The option (--min-cov 20) means the following requirement:
junction_in + junction_skip≥20 AND junction_group1+junction_group2≥20
The output of the file has the following columns:
column 1: gene, Entrez gene id and gene symbol columns 2-9: chrom chromStart chromEnd name score strand type isoformIDs: the same as described in the output of countit column 10: coverage I_g1(group1) I_g2(group2) dI_g1_vs_g2 pvalue FDR
In general, we require FDR<0.05 (or 0.01), |dI|>0.1 (or 0.2) to call significant splicing change.
Two notes:
- A caveat of the Fisher exact test described above is that it does not take into account the within-group variation. This is in general a not big issue for lab mice if RNA-seq libraries are prepared properly because the heterogeneity between lab mice is minimal.

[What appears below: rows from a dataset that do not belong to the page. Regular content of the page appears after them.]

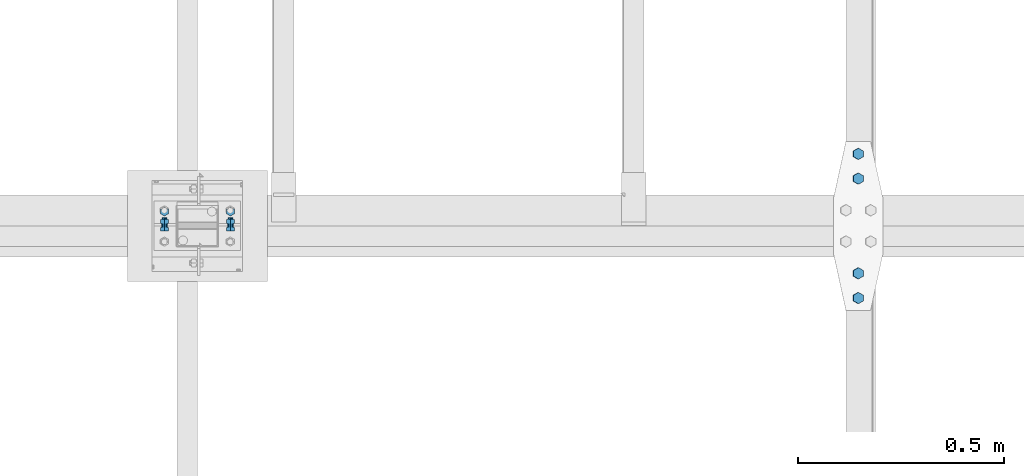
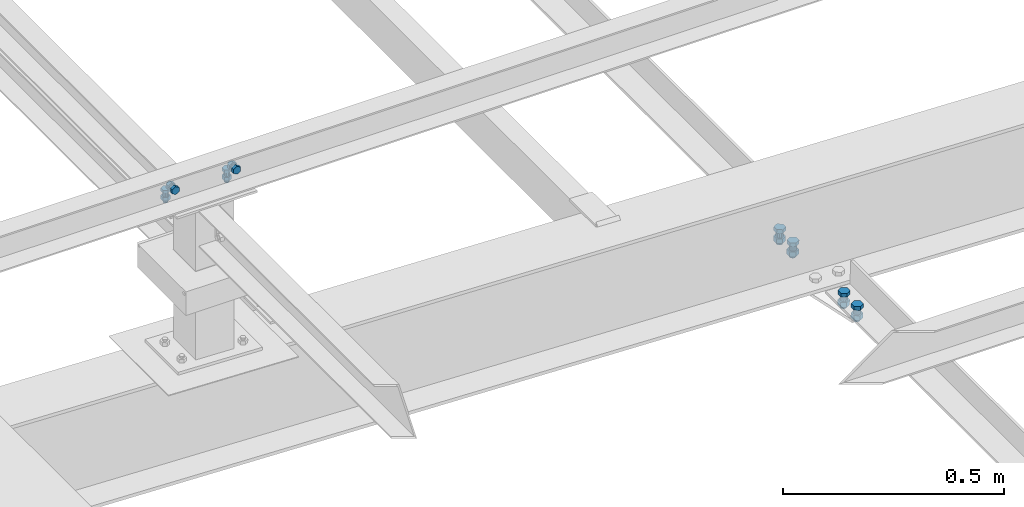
# One storey, part 187 of 3134: 4 mechanical fasteners, 3 elements without a shape of their own.
"""IFC2X3 building model written with IfcOpenShell, lengths in millimetres."""

from ifc_helpers import new_model, si_unit, frame, origin_with_axes, place, context, subcontext, project, spatial, faceted_brep, source, transform, mapped, material, type_object, element, aggregate, save


model = new_model("IFC2X3")

# Units and contexts
model_context = context("Model", 3, precision=1e-05, world=origin_with_axes())
body_context = subcontext(model_context, "Body", "Model", "MODEL_VIEW")
ifc_project = project(units=[si_unit("LENGTHUNIT", "METRE", prefix="MILLI"), si_unit("AREAUNIT", "SQUARE_METRE"), si_unit("VOLUMEUNIT", "CUBIC_METRE"), si_unit("MASSUNIT", "GRAM", prefix="KILO"), si_unit("TIMEUNIT", "SECOND"), si_unit("PLANEANGLEUNIT", "RADIAN"), si_unit("SOLIDANGLEUNIT", "STERADIAN"), si_unit("THERMODYNAMICTEMPERATUREUNIT", "DEGREE_CELSIUS"), si_unit("LUMINOUSINTENSITYUNIT", "LUMEN")], contexts=[model_context])

# Site, building, storey
site_placement = place(None, origin_with_axes())
site = spatial("IfcSite", under=ifc_project, at=site_placement, CompositionType="ELEMENT")
building_placement = place(site_placement, origin_with_axes())
building = spatial("IfcBuilding", under=site, at=building_placement, Name="Undefined", CompositionType="ELEMENT")
storey_placement = place(building_placement, origin_with_axes())
storey = spatial("IfcBuildingStorey", under=building, at=storey_placement, Name="Undefined", CompositionType="ELEMENT", Elevation=0.0)

# Assembly, mechanical fastener
assembly_1_placement = place(storey_placement, origin_with_axes())
assembly_1 = element("IfcElementAssembly", 1, at=assembly_1_placement, inside=storey, AssemblyPlace="NOTDEFINED", PredefinedType="RIGID_FRAME")
ifc_material = material(Name="8.8")
mechanical_fastener_type = type_object("IfcMechanicalFastenerType", Name="Bolt assembly")
shared_shape_1 = source(origin_with_axes(), body_context, "Body", "Brep", [
    faceted_brep([(10.9696551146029, -14.0, 0.0), (5.48482755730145, -14.0, 9.5), (-5.48482755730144, -14.0, 9.5), (-10.9696551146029, -14.0, 1.34339530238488e-15), (-5.48482755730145, -14.0, -9.5), (5.48482755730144, -14.0, -9.50000000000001), (5.48482755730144, -6.0, -9.50000000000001), (-5.48482755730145, -6.0, -9.5), (-10.9696551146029, -6.0, 1.34339530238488e-15), (-5.48482755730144, -6.0, 9.5), (5.48482755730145, -6.0, 9.5), (10.9696551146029, -6.0, 0.0), (6.0, -6.0, 0.0), (5.19615242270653, -6.0, 3.00000000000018), (2.99999999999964, -6.0, 5.19615242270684), (-6.21801588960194e-13, -6.0, 6.0), (-3.00000000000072, -6.0, 5.19615242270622), (-5.19615242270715, -6.0, 2.9999999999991), (-6.0, -6.0, -1.24360317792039e-12), (-5.19615242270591, -6.0, -3.00000000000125), (-2.99999999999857, -6.0, -5.19615242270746), (1.85874342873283e-12, -6.0, -6.0), (3.00000000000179, -6.0, -5.1961524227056), (5.19615242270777, -6.0, -2.99999999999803), (5.19615242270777, 24.0, -2.99999999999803), (3.00000000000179, 24.0, -5.1961524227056), (1.85874342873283e-12, 24.0, -6.0), (-2.99999999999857, 24.0, -5.19615242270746), (-5.19615242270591, 24.0, -3.00000000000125), (-6.0, 24.0, -1.24360317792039e-12), (-5.19615242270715, 24.0, 2.9999999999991), (-3.00000000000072, 24.0, 5.19615242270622), (-6.21801588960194e-13, 24.0, 6.0), (2.99999999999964, 24.0, 5.19615242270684), (5.19615242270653, 24.0, 3.00000000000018), (6.0, 24.0, 0.0), (10.9696551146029, 6.00000000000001, 0.0), (5.48482755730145, 6.00000000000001, 9.5), (-5.48482755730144, 6.00000000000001, 9.5), (-10.9696551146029, 6.00000000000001, 1.34339530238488e-15), (-5.48482755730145, 6.00000000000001, -9.5), (5.48482755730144, 6.00000000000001, -9.50000000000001), (5.48482755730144, 16.0, -9.50000000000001), (-5.48482755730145, 16.0, -9.5), (-10.9696551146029, 16.0, 1.34339530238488e-15), (-5.48482755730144, 16.0, 9.5), (5.48482755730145, 16.0, 9.5), (10.9696551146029, 16.0, 0.0)], [[[0, 1, 2, 3, 4, 5]], [[6, 7, 8, 9, 10, 11]], [[0, 11, 10, 1]], [[1, 10, 9, 2]], [[2, 9, 8, 3]], [[3, 8, 7, 4]], [[4, 7, 6, 5]], [[5, 6, 11, 0]], [[12, 13, 14, 15, 16, 17, 18, 19, 20, 21, 22, 23]], [[24, 25, 26, 27, 28, 29, 30, 31, 32, 33, 34, 35]], [[12, 35, 34, 13]], [[13, 34, 33, 14]], [[14, 33, 32, 15]], [[15, 32, 31, 16]], [[16, 31, 30, 17]], [[17, 30, 29, 18]], [[18, 29, 28, 19]], [[19, 28, 27, 20]], [[20, 27, 26, 21]], [[21, 26, 25, 22]], [[22, 25, 24, 23]], [[23, 24, 35, 12]], [[36, 37, 38, 39, 40, 41]], [[42, 43, 44, 45, 46, 47]], [[36, 47, 46, 37]], [[37, 46, 45, 38]], [[38, 45, 44, 39]], [[39, 44, 43, 40]], [[40, 43, 42, 41]], [[41, 42, 47, 36]]]),
    faceted_brep([(7.0, -0.1, 0.0), (6.06217782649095, -0.1, 3.50000000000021), (3.49999999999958, -0.1, 6.06217782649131), (-7.25435187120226e-13, -0.1, 7.0), (-3.50000000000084, -0.1, 6.06217782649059), (-6.06217782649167, -0.1, 3.49999999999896), (-7.0, -0.1, -1.45087037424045e-12), (-6.06217782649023, -0.1, -3.50000000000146), (-3.49999999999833, -0.1, -6.06217782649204), (2.1685340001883e-12, -0.1, -7.0), (3.50000000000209, -0.1, -6.06217782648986), (6.0621778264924, -0.1, -3.4999999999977), (6.0621778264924, 6.00000000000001, -3.4999999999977), (3.50000000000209, 6.00000000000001, -6.06217782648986), (2.1685340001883e-12, 6.00000000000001, -7.0), (-3.49999999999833, 6.00000000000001, -6.06217782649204), (-6.06217782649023, 6.00000000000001, -3.50000000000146), (-7.0, 6.00000000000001, -1.45087037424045e-12), (-6.06217782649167, 6.00000000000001, 3.49999999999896), (-3.50000000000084, 6.00000000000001, 6.06217782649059), (-7.25435187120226e-13, 6.00000000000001, 7.0), (3.49999999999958, 6.00000000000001, 6.06217782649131), (6.06217782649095, 6.00000000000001, 3.50000000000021), (7.0, 6.00000000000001, 0.0), (7.0, -5.9, 0.0), (6.06217782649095, -5.9, 3.50000000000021), (3.49999999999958, -5.9, 6.06217782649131), (-7.25435187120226e-13, -5.9, 7.0), (-3.50000000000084, -5.9, 6.06217782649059), (-6.06217782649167, -5.9, 3.49999999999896), (-7.0, -5.9, -1.45087037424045e-12), (-6.06217782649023, -5.9, -3.50000000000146), (-3.49999999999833, -5.9, -6.06217782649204), (2.1685340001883e-12, -5.9, -7.0), (3.50000000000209, -5.9, -6.06217782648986), (6.0621778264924, -5.9, -3.4999999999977), (6.0621778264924, 0.0999999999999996, -3.4999999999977), (3.50000000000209, 0.0999999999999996, -6.06217782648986), (2.1685340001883e-12, 0.0999999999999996, -7.0), (-3.49999999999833, 0.0999999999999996, -6.06217782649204), (-6.06217782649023, 0.0999999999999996, -3.50000000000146), (-7.0, 0.0999999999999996, -1.45087037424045e-12), (-6.06217782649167, 0.0999999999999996, 3.49999999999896), (-3.50000000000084, 0.0999999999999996, 6.06217782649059), (-7.25435187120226e-13, 0.0999999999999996, 7.0), (3.49999999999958, 0.0999999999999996, 6.06217782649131), (6.06217782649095, 0.0999999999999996, 3.50000000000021), (7.0, 0.0999999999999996, 0.0)], [[[0, 1, 2, 3, 4, 5, 6, 7, 8, 9, 10, 11]], [[12, 13, 14, 15, 16, 17, 18, 19, 20, 21, 22, 23]], [[0, 23, 22, 1]], [[1, 22, 21, 2]], [[2, 21, 20, 3]], [[3, 20, 19, 4]], [[4, 19, 18, 5]], [[5, 18, 17, 6]], [[6, 17, 16, 7]], [[7, 16, 15, 8]], [[8, 15, 14, 9]], [[9, 14, 13, 10]], [[10, 13, 12, 11]], [[11, 12, 23, 0]], [[24, 25, 26, 27, 28, 29, 30, 31, 32, 33, 34, 35]], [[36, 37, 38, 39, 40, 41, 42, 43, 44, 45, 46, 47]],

So far I have not seen tools that deal with this issue effectively, but this could be due to the fact that I did not track RNA-seq literature very closely.
- Also, a recent paper described a method MATS based on MCMC to estimate p-values and claims that the performance is somewhat better than Fisher's exact test in simulation. I have not tested this, but if this is true, the test can be swathed very easily.
Quantify gene expression
This is also done with the countit package, but first one needs to download gene definition files from http://geller.rockefeller.edu/Quantas/data/mm9.gene.tar.gz. There are two files in the tarball that will be used in the next step.
perl summarize_expression_wrapper.pl -big --cache ../cache -exon mm9.exon.uniq.core.bed -e2g mm9.exon.uniq.core.id2gene2symbol -weight -v sample_out/pair.gapless.bed sample.expr.txt
Again, the -weight option is specified because each fragment from gapless now has a probability score.
The output is like this
#gene_id gene_symbol tag_num exon_len RPKM
Here exon_len is the total exonic length of the gene, and tag_num is the total number of exonic reads (or more precisely fragments) in the gene. RPKM is always calculated using total number of exonic tags summed over all genes in the output file as a denominator, to avoid the complication of rRNA reads, etc.
This was done for all samples. Then an R package edgeR was used to do statistical test of differential gene expression. An example script can be downloaded from: http://geller.rockefeller.edu/Quantas/expr.edgeR.tagwise.R, which will report log2FC, p-value, and benjamini FDR
RPKM for each group needs to be recalculated after combining all samples in the same group.
We typically call significant differential expression by requiring FDR<0.01 (or 0.001), |log2FC|>1 (or 0.6 or 2), and max(group1RPKM, group2RPKM) in the top half.
Generate bedGraph files for visualization in UCSC genome browser
In most cases, bedGraph format provides excellent visualization, especially for alternative splicing events. The BED file after gapless analysis can be converted into a bedGraph file with a script in the countit package.
perl tag2profile.pl -big -weight -exact -of bedgraph -n "Sample_bed_graph" -v sample_out/pair.gapless.bed sample.bedGraph
In some cases, one might also want to show the summarized number of junction reads for each exon junction. This can be done by
perl tag2junction.pl -v -big -weight -c ./cache sample.combined.junction.bed sample.junction.count.bed
The 5th column now contain the read count for each junction, which is also shown as part of the name column. This file can also be loaded to the UCSC genome browser for visualization.